Three members of an FDA advisory panel have resigned in the wake of the agency’s “accelerated approval” of controversial Alzheimer’s drug that would cost patients $56,000/year.
Backlash over the U.S. Food and Drug Administration’s controversial approval of a new Alzheimer’s drug grew late last week with a third member of an agency advisory panel resigning in protest.
The latest resignation to hit the Peripheral and Central Nervous System Drugs Advisory Committee, as STAT first reported, came from Dr. Aaron Kesselheim, a Harvard Medical School professor.
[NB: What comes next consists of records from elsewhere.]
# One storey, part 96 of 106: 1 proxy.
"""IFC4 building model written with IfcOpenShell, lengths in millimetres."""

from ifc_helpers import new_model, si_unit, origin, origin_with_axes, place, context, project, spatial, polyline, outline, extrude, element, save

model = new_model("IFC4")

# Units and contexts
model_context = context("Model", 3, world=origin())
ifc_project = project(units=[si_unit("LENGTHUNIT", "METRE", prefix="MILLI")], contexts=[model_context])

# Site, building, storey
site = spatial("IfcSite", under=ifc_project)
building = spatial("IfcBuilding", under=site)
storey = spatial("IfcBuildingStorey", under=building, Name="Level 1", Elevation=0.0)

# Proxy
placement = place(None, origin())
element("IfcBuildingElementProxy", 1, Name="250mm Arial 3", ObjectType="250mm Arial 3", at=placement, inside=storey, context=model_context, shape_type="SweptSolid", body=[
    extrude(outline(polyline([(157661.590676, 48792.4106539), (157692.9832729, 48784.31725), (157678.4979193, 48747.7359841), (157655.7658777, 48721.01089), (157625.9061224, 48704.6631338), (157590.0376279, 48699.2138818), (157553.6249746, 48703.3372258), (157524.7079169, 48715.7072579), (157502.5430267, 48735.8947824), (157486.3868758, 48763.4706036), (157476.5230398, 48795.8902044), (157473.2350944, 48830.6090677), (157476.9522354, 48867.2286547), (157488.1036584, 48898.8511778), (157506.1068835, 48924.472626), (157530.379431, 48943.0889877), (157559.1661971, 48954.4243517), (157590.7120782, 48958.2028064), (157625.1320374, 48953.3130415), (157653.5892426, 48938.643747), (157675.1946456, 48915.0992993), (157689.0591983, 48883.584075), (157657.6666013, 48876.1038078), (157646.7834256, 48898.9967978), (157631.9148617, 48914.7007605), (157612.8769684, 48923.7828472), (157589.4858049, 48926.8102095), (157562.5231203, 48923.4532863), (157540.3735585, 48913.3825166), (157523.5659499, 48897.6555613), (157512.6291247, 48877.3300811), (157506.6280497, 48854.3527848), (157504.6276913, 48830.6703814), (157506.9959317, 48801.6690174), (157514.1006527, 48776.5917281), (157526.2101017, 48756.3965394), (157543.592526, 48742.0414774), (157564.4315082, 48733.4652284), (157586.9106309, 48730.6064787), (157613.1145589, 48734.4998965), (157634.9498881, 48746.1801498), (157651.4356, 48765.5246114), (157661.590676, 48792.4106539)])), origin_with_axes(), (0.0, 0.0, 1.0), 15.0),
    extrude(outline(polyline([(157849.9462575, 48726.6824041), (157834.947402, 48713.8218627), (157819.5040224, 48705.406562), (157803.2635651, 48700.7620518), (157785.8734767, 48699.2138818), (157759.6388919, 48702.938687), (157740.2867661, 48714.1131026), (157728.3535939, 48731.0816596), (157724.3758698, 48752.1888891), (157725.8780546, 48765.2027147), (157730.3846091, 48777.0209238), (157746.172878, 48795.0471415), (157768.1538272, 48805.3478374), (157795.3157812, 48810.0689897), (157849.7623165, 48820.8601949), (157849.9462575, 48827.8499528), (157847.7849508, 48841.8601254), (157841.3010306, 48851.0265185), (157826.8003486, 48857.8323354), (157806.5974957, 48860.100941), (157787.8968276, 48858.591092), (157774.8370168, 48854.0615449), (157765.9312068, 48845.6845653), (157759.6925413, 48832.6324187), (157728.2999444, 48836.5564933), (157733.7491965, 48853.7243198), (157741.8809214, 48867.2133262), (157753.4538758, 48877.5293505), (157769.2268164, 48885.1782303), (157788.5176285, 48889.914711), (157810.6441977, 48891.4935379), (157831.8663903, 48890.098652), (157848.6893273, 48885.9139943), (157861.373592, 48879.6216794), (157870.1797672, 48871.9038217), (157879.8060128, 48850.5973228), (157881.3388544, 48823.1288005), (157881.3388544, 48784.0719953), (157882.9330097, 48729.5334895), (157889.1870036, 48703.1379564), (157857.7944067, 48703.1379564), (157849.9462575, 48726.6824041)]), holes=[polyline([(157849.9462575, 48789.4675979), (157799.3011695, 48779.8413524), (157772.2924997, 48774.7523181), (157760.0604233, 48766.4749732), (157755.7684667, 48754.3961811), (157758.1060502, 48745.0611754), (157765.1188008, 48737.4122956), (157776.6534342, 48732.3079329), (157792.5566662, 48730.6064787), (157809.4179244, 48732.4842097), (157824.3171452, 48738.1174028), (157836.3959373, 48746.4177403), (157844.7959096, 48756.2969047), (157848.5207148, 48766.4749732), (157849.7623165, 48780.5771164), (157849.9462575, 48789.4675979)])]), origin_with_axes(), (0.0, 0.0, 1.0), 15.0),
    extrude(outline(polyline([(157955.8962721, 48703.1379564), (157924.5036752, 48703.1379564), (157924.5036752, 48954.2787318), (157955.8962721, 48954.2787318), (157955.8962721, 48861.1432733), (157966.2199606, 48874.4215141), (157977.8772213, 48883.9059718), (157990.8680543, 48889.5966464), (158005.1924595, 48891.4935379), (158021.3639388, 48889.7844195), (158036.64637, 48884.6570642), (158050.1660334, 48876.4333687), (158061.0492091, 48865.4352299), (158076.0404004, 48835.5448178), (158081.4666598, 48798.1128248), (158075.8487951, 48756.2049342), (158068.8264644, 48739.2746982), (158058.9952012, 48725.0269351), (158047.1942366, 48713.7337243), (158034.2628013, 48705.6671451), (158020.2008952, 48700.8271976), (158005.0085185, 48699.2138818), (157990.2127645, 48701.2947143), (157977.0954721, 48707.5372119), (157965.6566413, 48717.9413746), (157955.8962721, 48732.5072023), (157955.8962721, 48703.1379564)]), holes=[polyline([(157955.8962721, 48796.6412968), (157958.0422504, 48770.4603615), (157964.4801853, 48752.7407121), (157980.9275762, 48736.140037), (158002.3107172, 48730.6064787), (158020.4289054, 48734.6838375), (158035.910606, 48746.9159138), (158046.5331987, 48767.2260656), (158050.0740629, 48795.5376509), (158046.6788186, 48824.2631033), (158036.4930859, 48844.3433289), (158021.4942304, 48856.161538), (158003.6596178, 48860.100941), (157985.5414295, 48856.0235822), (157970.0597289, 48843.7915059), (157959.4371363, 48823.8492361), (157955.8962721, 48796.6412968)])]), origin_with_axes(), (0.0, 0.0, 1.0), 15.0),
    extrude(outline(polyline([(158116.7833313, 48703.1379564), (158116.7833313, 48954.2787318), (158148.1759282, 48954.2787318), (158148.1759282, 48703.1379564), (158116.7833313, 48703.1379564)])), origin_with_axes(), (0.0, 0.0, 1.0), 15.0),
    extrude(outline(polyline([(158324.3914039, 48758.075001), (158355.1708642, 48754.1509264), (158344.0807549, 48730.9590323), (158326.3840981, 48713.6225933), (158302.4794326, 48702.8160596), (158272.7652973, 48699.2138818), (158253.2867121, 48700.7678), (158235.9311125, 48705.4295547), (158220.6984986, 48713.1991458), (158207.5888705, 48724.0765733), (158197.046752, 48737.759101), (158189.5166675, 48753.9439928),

His action followed FDA’s “accelerated approval” announced early last week for aducanumab, on which drug maker Biogen put an annual price tag of $56,000. Administered as a monthly intravenous infusion, it’s the first drug to treat Alzheimer’s disease that’s been approved in nearly two decades — approval that came despite the panel’s recommendation against it in light of lack of data showing efficacy.
In his resignation letter, Kesselheim wrote that it “was probably the worst drug approval decision in recent U.S. history,” CNBC reported.
“At the last minute,” wrote Kesselheim, “the agency switched its review to the Accelerated Approval pathway based on the debatable premise that the drug’s effect on brain amyloid was likely to help patients with Alzheimer’s disease.”
The FDA erred in its approval, Kesselheim added to the New York Times, “because of so many different factors, starting from the fact that there’s no good evidence that the drug works.”